SI: How have attitudes towards vegetarianism changed since you first started cooking?
MRS: Vegetarianism is much more mainstream now. Many more people are looking for good vegetarian recipes, which is one of the reasons my Recipes for Health column is so popular. I also think that people don't feel that they have to be vegetarian to eat that way. It's not the political statement that it was for many in the 70s. Perhaps that kind of attitude is now more in the realm of vegan and raw. By the way, see my Soapbox on the subject of bad vegan food on ZesterDaily if you haven't already.
SI: What do you think of the whole Meatless Monday idea?
MRS: It's nice, something that can ease people into the idea that you don't have to eat meat every day, but you don't have to give it up altogether either. When I was vegetarian, which I'm not now though I rarely do eat meat, I wasn't doctrinaire -- I didn't really "give up" meat, I'd just had enough. I think Meatless Mondays can help people with this notion.
SI: You've tested recipes for a long time, both your own -- for your books, for The New York Times -- and many chefs'. Can you talk about the importance of a reliable recipe?

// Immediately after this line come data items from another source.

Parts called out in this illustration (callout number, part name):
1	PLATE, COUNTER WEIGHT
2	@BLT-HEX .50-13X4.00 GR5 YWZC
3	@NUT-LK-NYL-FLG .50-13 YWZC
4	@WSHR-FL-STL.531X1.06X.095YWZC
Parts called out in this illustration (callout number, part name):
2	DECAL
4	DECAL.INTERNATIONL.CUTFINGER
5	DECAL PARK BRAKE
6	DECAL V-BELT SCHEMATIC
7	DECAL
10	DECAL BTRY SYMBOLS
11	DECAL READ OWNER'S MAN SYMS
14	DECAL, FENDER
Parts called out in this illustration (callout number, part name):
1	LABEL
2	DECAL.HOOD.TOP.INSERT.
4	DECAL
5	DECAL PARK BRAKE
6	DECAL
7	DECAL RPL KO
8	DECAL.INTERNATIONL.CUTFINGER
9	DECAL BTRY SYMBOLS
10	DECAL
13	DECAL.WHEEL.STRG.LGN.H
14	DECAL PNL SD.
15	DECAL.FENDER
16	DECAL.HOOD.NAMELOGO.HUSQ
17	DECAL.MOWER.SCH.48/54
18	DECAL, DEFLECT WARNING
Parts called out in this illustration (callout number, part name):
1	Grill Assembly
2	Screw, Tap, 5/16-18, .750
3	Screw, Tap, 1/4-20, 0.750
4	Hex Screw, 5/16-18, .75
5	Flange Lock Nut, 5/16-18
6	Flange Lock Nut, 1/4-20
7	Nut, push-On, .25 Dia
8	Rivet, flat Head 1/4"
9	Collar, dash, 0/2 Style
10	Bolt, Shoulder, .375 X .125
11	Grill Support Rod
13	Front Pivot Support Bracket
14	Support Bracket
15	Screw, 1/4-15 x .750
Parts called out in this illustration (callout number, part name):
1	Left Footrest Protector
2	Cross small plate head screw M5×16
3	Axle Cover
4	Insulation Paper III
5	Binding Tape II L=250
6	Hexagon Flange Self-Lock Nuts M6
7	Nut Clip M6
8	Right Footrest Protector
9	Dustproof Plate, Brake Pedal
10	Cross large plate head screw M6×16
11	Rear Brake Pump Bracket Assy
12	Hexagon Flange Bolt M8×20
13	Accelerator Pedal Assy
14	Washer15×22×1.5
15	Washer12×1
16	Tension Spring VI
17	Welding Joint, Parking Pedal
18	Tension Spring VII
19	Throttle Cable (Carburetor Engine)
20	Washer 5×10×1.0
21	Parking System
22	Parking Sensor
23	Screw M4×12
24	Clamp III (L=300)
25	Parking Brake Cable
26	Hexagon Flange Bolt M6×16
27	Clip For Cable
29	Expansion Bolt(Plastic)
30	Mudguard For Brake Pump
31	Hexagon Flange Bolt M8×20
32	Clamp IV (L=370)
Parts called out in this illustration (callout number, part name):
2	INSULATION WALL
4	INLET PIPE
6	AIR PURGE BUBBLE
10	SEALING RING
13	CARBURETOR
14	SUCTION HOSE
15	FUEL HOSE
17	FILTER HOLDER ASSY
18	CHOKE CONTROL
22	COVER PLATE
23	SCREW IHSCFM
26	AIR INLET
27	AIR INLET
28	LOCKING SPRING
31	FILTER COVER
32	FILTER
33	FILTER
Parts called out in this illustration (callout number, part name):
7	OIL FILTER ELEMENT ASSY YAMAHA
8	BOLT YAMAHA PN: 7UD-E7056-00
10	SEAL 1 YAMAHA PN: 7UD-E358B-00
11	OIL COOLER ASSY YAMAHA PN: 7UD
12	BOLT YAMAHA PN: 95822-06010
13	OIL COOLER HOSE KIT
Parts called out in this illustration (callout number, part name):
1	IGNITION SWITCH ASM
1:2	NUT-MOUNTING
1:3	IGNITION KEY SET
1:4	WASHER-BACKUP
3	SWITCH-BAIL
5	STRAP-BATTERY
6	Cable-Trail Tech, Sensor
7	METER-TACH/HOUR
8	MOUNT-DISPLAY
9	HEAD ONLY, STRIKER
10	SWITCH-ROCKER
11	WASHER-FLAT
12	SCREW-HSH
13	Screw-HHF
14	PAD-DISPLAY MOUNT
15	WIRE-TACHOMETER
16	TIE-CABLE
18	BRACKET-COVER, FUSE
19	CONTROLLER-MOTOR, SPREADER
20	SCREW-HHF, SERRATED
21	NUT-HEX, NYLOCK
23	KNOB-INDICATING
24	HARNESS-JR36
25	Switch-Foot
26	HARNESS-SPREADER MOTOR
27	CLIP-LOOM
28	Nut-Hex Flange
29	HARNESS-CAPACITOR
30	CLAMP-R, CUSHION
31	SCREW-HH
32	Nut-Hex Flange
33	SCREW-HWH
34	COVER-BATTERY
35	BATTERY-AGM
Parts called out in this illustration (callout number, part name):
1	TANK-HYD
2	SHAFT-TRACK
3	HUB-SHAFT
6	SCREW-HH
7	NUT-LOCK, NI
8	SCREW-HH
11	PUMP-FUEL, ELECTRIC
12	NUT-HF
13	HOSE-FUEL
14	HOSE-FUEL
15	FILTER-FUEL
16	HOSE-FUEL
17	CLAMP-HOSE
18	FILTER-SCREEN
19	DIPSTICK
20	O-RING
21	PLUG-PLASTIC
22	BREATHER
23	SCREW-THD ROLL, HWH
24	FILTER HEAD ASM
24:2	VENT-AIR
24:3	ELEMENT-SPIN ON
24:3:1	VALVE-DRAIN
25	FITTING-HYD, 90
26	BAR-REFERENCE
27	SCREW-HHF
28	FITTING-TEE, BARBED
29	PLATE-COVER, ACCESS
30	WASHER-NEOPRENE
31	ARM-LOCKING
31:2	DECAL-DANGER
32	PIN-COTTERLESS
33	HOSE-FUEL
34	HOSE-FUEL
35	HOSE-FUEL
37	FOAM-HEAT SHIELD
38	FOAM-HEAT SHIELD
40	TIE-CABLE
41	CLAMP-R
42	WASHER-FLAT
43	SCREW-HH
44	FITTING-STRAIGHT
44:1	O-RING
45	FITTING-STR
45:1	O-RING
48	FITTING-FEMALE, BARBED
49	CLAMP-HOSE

MRS: It's essential. There's a French word I love, "primordial," of the highest of importance, and that's what comes to mind. As a writer of recipes, my biggest fear is that somebody will make something and it won't work. My readers put their trust in me -- they go out and get the ingredients, then spend time in the kitchen, so I want to be sure that the recipe works. Also, I wouldn't be able to describe a dish if I hadn't tested it. You have to know what the result is supposed to be like, what the pitfalls might be. I think I'm a good cook because I know what I want something to taste like, and if I can get my readers to make the dish taste like that too, then I'm succeeding.
SI: Do you think Bon Appétit moving from L.A. to N.Y.C. will have a big effect on the L.A. food scene?
MRS: I'm so out of it, I didn't even know about this until I read the tweets. I don't read the magazine carefully enough to know if it will have an effect. But it does strike me as sad; LA is such a force when it comes to food.
SI: So if you could write any (cook)book you wanted, about anything -- ignoring issues of publishers and marketability -- what would it be about?
MRS: As for cookbooks, anything that would put me back in France or in the Mediterranean doing research would be great; or something that would force me to go to India or Southeast Asia, where I've never been. As for books, what I really want to write next is a memoir.
SI: Aren't you working on one already?
MRS: Well I am, but only intermittently.